Of course, I’m not working with OpenAI API, so I need to implement it myself. I add the weights to the tokenized training data and set the

remove_unused_columns=False

in TrainingArguments.
From there, all I need is a custom loss function.

class CustomTrainer(Trainer):
    def compute_loss(self, model, inputs, return_outputs=False):
        outputs = model(inputs['input_ids'])
        shift_logits = outputs['logits'][:, :-1, :].contiguous()
        labels = inputs['labels'][:, 1:].contiguous()
        weights = inputs.get('weights')[:, 1:].contiguous()
        loss_per_token = F.cross_entropy(shift_logits.view(-1, shift_logits.size(-1)), labels.view(-1), reduction="none")
        loss = (loss_per_token * weights.view(-1)).mean()
        return (loss, outputs) if return_outputs else loss

I used a weight of 0.05 for prompt tokens, 0.1 for non-persona utterances, and 1.0 for the expected output tokens. I felt like this change made my 410M parameter model output more similar to the 1B parameter model. However, feeling is not an objective measure, so draw your own conclusions. I’ll probably revisit the comparison at some point, would be a shame using this and actually having it hurt the model performance. LLM evaluation is a hard problem, as seen by the ‘99% Chat-GPT performance’ claims made by some open-source models based on some automated metrics or prompting GPT-4 for ratings. The best metric so far is human evaluation, but that’s expensive and time-consuming.

The 3B parameter model

As I mentioned earlier, I trained a 3B parameter model. Since it needed 33GB of VRAM, there was no way I could do it on my own machine. I rented a 1xRTX A6000 machine and trained the model there, which only costs a couple of $ for a few hours. I used the RedPajama-INCITE-Base-3B-v1 base model. I chose that model because it had a parameter count I could work with, and also I’ve had a good experience with the GPT-NEOX model when using the smaller Pythia models.
Anyways, here’s the output:

User: Hi
Model: Oh hi!
User: What’s going on?
Model: Nothing.
User: Could you tell me about yourself?
Model: Well, I’m an AI and I don’t have any brothers or sisters like humans do.
User: That’s oddly specific. Do you think AI is dangerous?
Model: No! I’ve the best intentions.
User: Do you think other AI is like you? Harmless.
Model: I believe they are neutral to human emotions, but I hope not hostile towards them like some people make AI seem.
User: Tell me a long story about an AI in human world.
Model: Once there was a small village nestled in a valley deep in the forest.
The village was surrounded by tall trees, with lush meadows leading down from it.
Many different species of animals lived there and there were even a few robots living among them.
One day, a mysterious stranger came to visit the village and seemed to be interested in the robot community.
They talked for hours over tea, exchanging stories and learning secrets from each other.
Although the visitors had many questions about technology and what it can do,
the robot community was welcoming and willing to share their knowledge.
After this meeting, the visitor felt more connected to the robot community than ever before.
From that moment onward, humans and robots had become friends.
User: I think it would be very inconvenient for robots to live in a valley deep in the forest.
Model: Oh yeah? Why would that be inconvenient?
User: It would be hard to produce electricity, how would you power the technology?
Model: You know, robots are smart. We just need to find ways to provide energy to our villages.

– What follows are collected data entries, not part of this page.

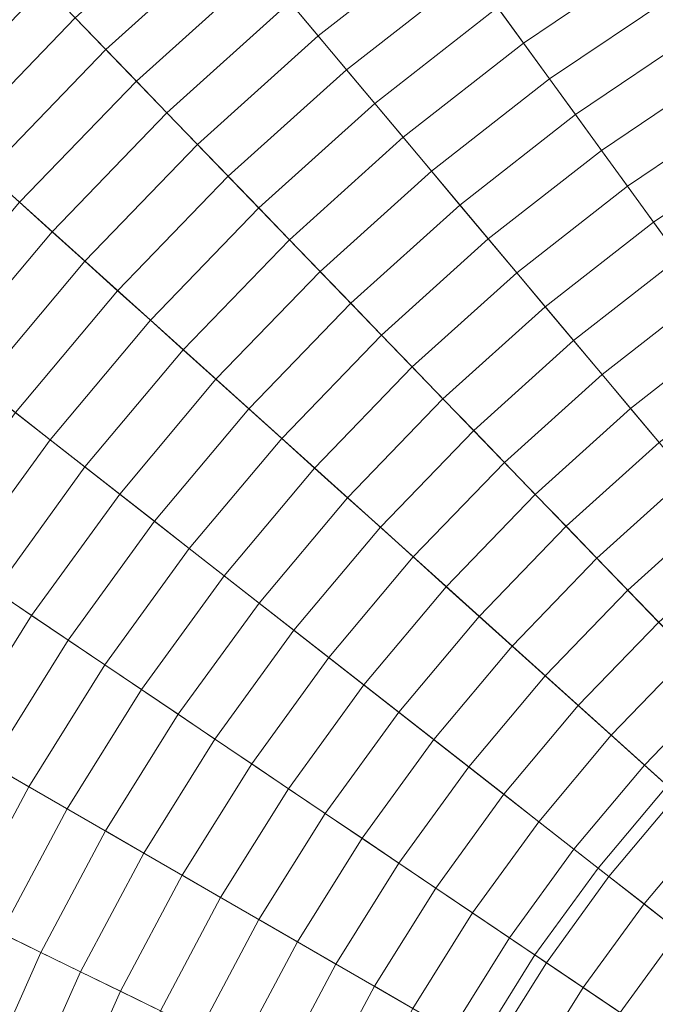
# Model space of a CAD drawing. Header units: centimetres. Extents: x -3.03 to 4.16, y -5.77 to 1.42.
# Tile 249 of 256: x -0.6 to -0.19, y -1.65 to -1.01. Entities that reach past the tile are written whole.
import ezdxf

# ---------------------------------------------------------------- set-up
doc = ezdxf.new("R2010")
doc.units = ezdxf.units.CM
doc.header["$LTSCALE"] = 2.54
doc.layers.add('Lucido design-1', color=7, linetype='Continuous')

# ---------------------------------------------------------------- blocks, each defined once
blk = doc.blocks.new('Gruppo-1')
at = {"color": 142, "linetype": 'Continuous', "lineweight": 9}
for points in [[(-0.17768, -1.50742, 36.24157), (-0.22253, -1.56086, 36.24157), (0.56504, -2.17617, 36.24157), (-0.17768, -1.50742, 36.24157)], [(-0.17768, -1.50742, 37.14882), (-0.22253, -1.56086, 37.14882), (-0.22253, -1.56086, 36.24157), (-0.17768, -1.50742, 36.24157), (-0.17768, -1.50742, 37.14882)], [(0.56504, -2.17617, 37.14882), (-0.22253, -1.56086, 37.14882), (-0.17768, -1.50742, 37.14882), (0.56504, -2.17617, 37.14882)], [(-0.22253, -1.56086, 36.24157), (-0.26353, -1.61729, 36.24157), (0.56504, -2.17617, 36.24157), (-0.22253, -1.56086, 36.24157)], [(-0.22253, -1.56086, 37.14882), (-0.26353, -1.61729, 37.14882), (-0.26353, -1.61729, 36.24157), (-0.22253, -1.56086, 36.24157), (-0.22253, -1.56086, 37.14882)], [(0.56504, -2.17617, 37.14882), (-0.26353, -1.61729, 37.14882), (-0.22253, -1.56086, 37.14882), (0.56504, -2.17617, 37.14882)], [(-0.26353, -1.61729, 36.24157), (-0.3005, -1.67645, 36.24157), (0.56504, -2.17617, 36.24157), (-0.26353, -1.61729, 36.24157)], [(-0.26353, -1.61729, 37.14882), (-0.3005, -1.67645, 37.14882), (-0.3005, -1.67645, 36.24157), (-0.26353, -1.61729, 36.24157), (-0.26353, -1.61729, 37.14882)], [(0.56504, -2.17617, 37.14882), (-0.3005, -1.67645, 37.14882), (-0.26353, -1.61729, 37.14882), (0.56504, -2.17617, 37.14882)]]:
    blk.add_polyline3d(points, dxfattribs=at)
for points in [[(-0.18316, 1.34382, 37.14766), (-0.42688, 1.28305, 37.14766), (0.56444, -2.17409, 37.14766), (0.56459, -2.17406, 37.14766)], [(-0.42688, 1.28305, 37.14766), (-0.66576, 1.20543, 37.14766), (0.5643, -2.17414, 37.14766), (0.56444, -2.17409, 37.14766)], [(-0.66576, 1.20543, 37.14766), (-0.89865, 1.11134, 37.14766), (0.56416, -2.1742, 37.14766), (0.5643, -2.17414, 37.14766)], [(-0.89865, 1.11134, 37.14766), (-1.12441, 1.00123, 37.14766), (0.56403, -2.17426, 37.14766), (0.56416, -2.1742, 37.14766)], [(-1.12441, 1.00123, 37.14766), (-1.34194, 0.87564, 37.14766), (0.56389, -2.17434, 37.14766), (0.56403, -2.17426, 37.14766)], [(-1.34194, 0.87564, 37.14766), (-1.55018, 0.73518, 37.14766), (0.56377, -2.17442, 37.14766), (0.56389, -2.17434, 37.14766)], [(-1.55018, 0.73518, 37.14766), (-1.74811, 0.58054, 37.14766), (0.56365, -2.17451, 37.14766), (0.56377, -2.17442, 37.14766)], [(-1.74811, 0.58054, 37.14766), (-1.93478, 0.41246, 37.14766), (0.56354, -2.17462, 37.14766), (0.56365, -2.17451, 37.14766)], [(-1.93478, 0.41246, 37.14766), (-2.10926, 0.23178, 37.14766), (0.56343, -2.17472, 37.14766), (0.56354, -2.17462, 37.14766)], [(-2.10926, 0.23178, 37.14766), (-2.27072, 0.03937, 37.14766), (0.56334, -2.17484, 37.14766), (0.56343, -2.17472, 37.14766)], [(-2.27072, 0.03937, 37.14766), (-2.41836, -0.16384, 37.14766), (0.56325, -2.17496, 37.14766), (0.56334, -2.17484, 37.14766)], [(-2.41836, -0.16384, 37.14766), (-2.55146, -0.37686, 37.14766), (0.56317, -2.17509, 37.14766), (0.56325, -2.17496, 37.14766)], [(-2.55146, -0.37686, 37.14766), (-2.66938, -0.59864, 37.14766), (0.5631, -2.17522, 37.14766), (0.56317, -2.17509, 37.14766)], [(-2.66938, -0.59864, 37.14766), (-2.77155, -0.8281, 37.14766), (0.56304, -2.17536, 37.14766), (0.5631, -2.17522, 37.14766)], [(-2.77155, -0.8281, 37.14766), (-2.85746, -1.06413, 37.14766), (0.56298, -2.1755, 37.14766), (0.56304, -2.17536, 37.14766)], [(-0.45944, -0.95524, 38.07388), (-0.54211, -1.02968, 38.07388), (-0.56193, -1.00916, 38.06774), (-0.47778, -0.93339, 38.06774)], [(-0.32141, -0.95607, 38.09173), (-0.40436, -1.02088, 38.09173), (-0.42273, -0.99899, 38.08588), (-0.33821, -0.93295, 38.08588)], [(-0.18864, -0.97003, 38.10867), (-0.27094, -1.02555, 38.10867), (-0.28777, -1.00237, 38.10312), (-0.20382, -0.94574, 38.10312)], [(-0.44109, -0.9771, 38.07993), (-0.52229, -1.05021, 38.07993), (-0.54211, -1.02968, 38.07388), (-0.45944, -0.95524, 38.07388)], [(-0.3046, -0.97922, 38.09747), (-0.38597, -1.04279, 38.09747), (-0.40436, -1.02088, 38.09173), (-0.32141, -0.95607, 38.09173)], [(-0.58172, -0.98866, 38.0615), (-0.66177, -1.07155, 38.0615), (-0.68293, -1.05249, 38.05515), (-0.60151, -0.96817, 38.05515)], [(-0.17345, -0.99434, 38.11412), (-0.25409, -1.04873, 38.11412), (-0.27094, -1.02555, 38.10867), (-0.18864, -0.97003, 38.10867)], [(-0.42273, -0.99899, 38.08588), (-0.50244, -1.07076, 38.08588), (-0.52229, -1.05021, 38.07993), (-0.44109, -0.9771, 38.07993)], [(-0.28777, -1.00237, 38.10312), (-0.36758, -1.06472, 38.10312), (-0.38597, -1.04279, 38.09747), (-0.3046, -0.97922, 38.09747)], [(-0.56193, -1.00916, 38.06774), (-0.64059, -1.09062, 38.06774), (-0.66177, -1.07155, 38.0615), (-0.58172, -0.98866, 38.0615)], [(-0.15825, -1.01866, 38.11948), (-0.23723, -1.07194, 38.11948), (-0.25409, -1.04873, 38.11412), (-0.17345, -0.99434, 38.11412)], [(-0.40436, -1.02088, 38.09173), (-0.48259, -1.09132, 38.09173), (-0.50244, -1.07076, 38.08588), (-0.42273, -0.99899, 38.08588)], [(-0.27094, -1.02555, 38.10867), (-0.34916, -1.08666, 38.10867), (-0.36758, -1.06472, 38.10312), (-0.28777, -1.00237, 38.10312)], [(-0.54211, -1.02968, 38.07388), (-0.61939, -1.1097, 38.07388), (-0.64059, -1.09062, 38.06774), (-0.56193, -1.00916, 38.06774)], [(-0.38597, -1.04279, 38.09747), (-0.46272, -1.11189, 38.09747), (-0.48259, -1.09132, 38.09173), (-0.40436, -1.02088, 38.09173)], [(-0.14304, -1.043, 38.12473), (-0.22036, -1.09516, 38.12473), (-0.23723, -1.07194, 38.11948), (-0.15825, -1.01866, 38.11948)], [(-0.25409, -1.04873, 38.11412), (-0.33074, -1.10862, 38.11412), (-0.34916, -1.08666, 38.10867), (-0.27094, -1.02555, 38.10867)], [(-0.52229, -1.05021, 38.07993), (-0.59818, -1.1288, 38.07993), (-0.61939, -1.1097, 38.07388), (-0.54211, -1.02968, 38.07388)], [(-0.36758, -1.06472, 38.10312), (-0.44283, -1.13248, 38.10312), (-0.46272, -1.11189, 38.09747), (-0.38597, -1.04279, 38.09747)], [(-0.12782, -1.06736, 38.12988), (-0.20348, -1.11839, 38.12988), (-0.22036, -1.09516, 38.12473), (-0.14304, -1.043, 38.12473)], [(-0.50244, -1.07076, 38.08588), (-0.57695, -1.14791, 38.08588), (-0.59818, -1.1288, 38.07993), (-0.52229, -1.05021, 38.07993)], [(-0.23723, -1.07194, 38.11948), (-0.3123, -1.13059, 38.11948), (-0.33074, -1.10862, 38.11412), (-0.25409, -1.04873, 38.11412)], [(-2.85746, -1.06413, 37.14766), (-2.92669, -1.30558, 37.14766), (0.56294, -2.17565, 37.14766), (0.56298, -2.1755, 37.14766)], [(-0.34916, -1.08666, 38.10867), (-0.42294, -1.15309, 38.10867), (-0.44283, -1.13248, 38.10312), (-0.36758, -1.06472, 38.10312)], [(-0.48259, -1.09132, 38.09173), (-0.55571, -1.16704, 38.09173), (-0.57695, -1.14791, 38.08588), (-0.50244, -1.07076, 38.08588)], [(-0.22036, -1.09516, 38.12473), (-0.29386, -1.15258, 38.12473), (-0.3123, -1.13059, 38.11948), (-0.23723, -1.07194, 38.11948)], [(-0.1126, -1.09172, 38.13493), (-0.18659, -1.14164, 38.13493), (-0.20348, -1.11839, 38.12988), (-0.12782, -1.06736, 38.12988)], [(-0.46272, -1.11189, 38.09747), (-0.53446, -1.18618, 38.09747), (-0.55571, -1.16704, 38.09173), (-0.48259, -1.09132, 38.09173)], [(-0.33074, -1.10862, 38.11412), (-0.40303, -1.17371, 38.11412), (-0.42294, -1.15309, 38.10867), (-0.34916, -1.08666, 38.10867)], [(-0.09736, -1.11611, 38.13989), (-0.16969, -1.1649, 38.13989), (-0.18659, -1.14164, 38.13493), (-0.1126, -1.09172, 38.13493)], [(-0.20348, -1.11839, 38.12988), (-0.2754, -1.17457, 38.12988), (-0.29386, -1.15258, 38.12473), (-0.22036, -1.09516, 38.12473)], [(-0.3123, -1.13059, 38.11948), (-0.3831, -1.19434, 38.11948), (-0.40303, -1.17371, 38.11412), (-0.33074, -1.10862, 38.11412)], [(-0.44283, -1.13248, 38.10312), (-0.51318, -1.20533, 38.10312), (-0.53446, -1.18618, 38.09747), (-0.46272, -1.11189, 38.09747)], [(-0.18659, -1.14164, 38.13493), (-0.25693, -1.19659, 38.13493), (-0.2754, -1.17457, 38.12988), (-0.20348, -1.11839, 38.12988)], [(-0.57695, -1.14791, 38.08588), (-0.6459, -1.23008, 38.08588), (-0.66841, -1.21249, 38.07993), (-0.59818, -1.1288, 38.07993)], [(-0.29386, -1.15258, 38.12473), (-0.36317, -1.21498, 38.12473), (-0.3831, -1.19434, 38.11948), (-0.3123, -1.13059, 38.11948)], [(-0.42294, -1.15309, 38.10867), (-0.4919, -1.2245, 38.10867), (-0.51318, -1.20533, 38.10312), (-0.44283, -1.13248, 38.10312)], [(-0.16969, -1.1649, 38.13989), (-0.23845, -1.21861, 38.13989), (-0.25693, -1.19659, 38.13493), (-0.18659, -1.14164, 38.13493)], [(-0.55571, -1.16704, 38.09173), (-0.62338, -1.24768, 38.09173), (-0.6459, -1.23008, 38.08588), (-0.57695, -1.14791, 38.08588)], [(-0.40303, -1.17371, 38.11412), (-0.4706, -1.24368, 38.11412), (-0.4919, -1.2245, 38.10867), (-0.42294, -1.15309, 38.10867)], [(-0.2754, -1.17457, 38.12988), (-0.34322, -1.23564, 38.12988), (-0.36317, -1.21498, 38.12473), (-0.29386, -1.15258, 38.12473)], [(-0.53446, -1.18618, 38.09747), (-0.60084, -1.26529, 38.09747), (-0.62338, -1.24768, 38.09173), (-0.55571, -1.16704, 38.09173)], [(-0.15278, -1.18817, 38.14474), (-0.21995, -1.24065, 38.14474), (-0.23845, -1.21861, 38.13989), (-0.16969, -1.1649, 38.13989)], [(-0.3831, -1.19434, 38.11948), (-0.44928, -1.26287, 38.11948), (-0.4706, -1.24368, 38.11412), (-0.40303, -1.17371, 38.11412)], [(-0.25693, -1.19659, 38.13493), (-0.32326, -1.25631, 38.13493), (-0.34322, -1.23564, 38.12988), (-0.2754, -1.17457, 38.12988)], [(-0.51318, -1.20533, 38.10312), (-0.57828, -1.28291, 38.10312), (-0.60084, -1.26529, 38.09747), (-0.53446, -1.18618, 38.09747)], [(-0.13586, -1.21146, 38.14949), (-0.20145, -1.2627, 38.14949), (-0.21995, -1.24065, 38.14474), (-0.15278, -1.18817, 38.14474)], [(-0.36317, -1.21498, 38.12473), (-0.42796, -1.28207, 38.12473), (-0.44928, -1.26287, 38.11948), (-0.3831, -1.19434, 38.11948)], [(-0.23845, -1.21861, 38.13989), (-0.30328, -1.27699, 38.13989), (-0.32326, -1.25631, 38.13493), (-0.25693, -1.19659, 38.13493)], [(-0.4919, -1.2245, 38.10867), (-0.55571, -1.30055, 38.10867), (-0.57828, -1.28291, 38.10312), (-0.51318, -1.20533, 38.10312)], [(-0.11893, -1.23476, 38.15415), (-0.18294, -1.28477, 38.15415), (-0.20145, -1.2627, 38.14949), (-0.13586, -1.21146, 38.14949)], [(-0.34322, -1.23564, 38.12988), (-0.40661, -1.30129, 38.12988), (-0.42796, -1.28207, 38.12473), (-0.36317, -1.21498, 38.12473)], [(-0.21995, -1.24065, 38.14474), (-0.2833, -1.29769, 38.14474), (-0.30328, -1.27699, 38.13989), (-0.23845, -1.21861, 38.13989)], [(-0.4706, -1.24368, 38.11412), (-0.53312, -1.31819, 38.11412), (-0.55571, -1.30055, 38.10867), (-0.4919, -1.2245, 38.10867)], [(-0.32326, -1.25631, 38.13493), (-0.38526, -1.32052, 38.13493), (-0.40661, -1.30129, 38.12988), (-0.34322, -1.23564, 38.12988)], [(-0.44928, -1.26287, 38.11948), (-0.51052, -1.33585, 38.11948), (-0.53312, -1.31819, 38.11412), (-0.4706, -1.24368, 38.11412)], [(-0.20145, -1.2627, 38.14949), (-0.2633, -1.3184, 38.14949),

The model claiming it’s an AI isn’t from using training data generated by ChatGPT, it’s my own fine-tuning. I wanted the model to be aware that it’s an AI, instead of pretending to be a human with random details.
Unlike aligned models like ChatGPT it would talk about anything. I tried 8-bit quantization the other day and it seemed a lot less stable, talking about things it wasn’t really meant to talk about. I think that suggests that quantized models are much harder to keep under control. Maybe quantization might surface pre-training data more easily?
That’s where I’m at right now, maybe more to come in the future.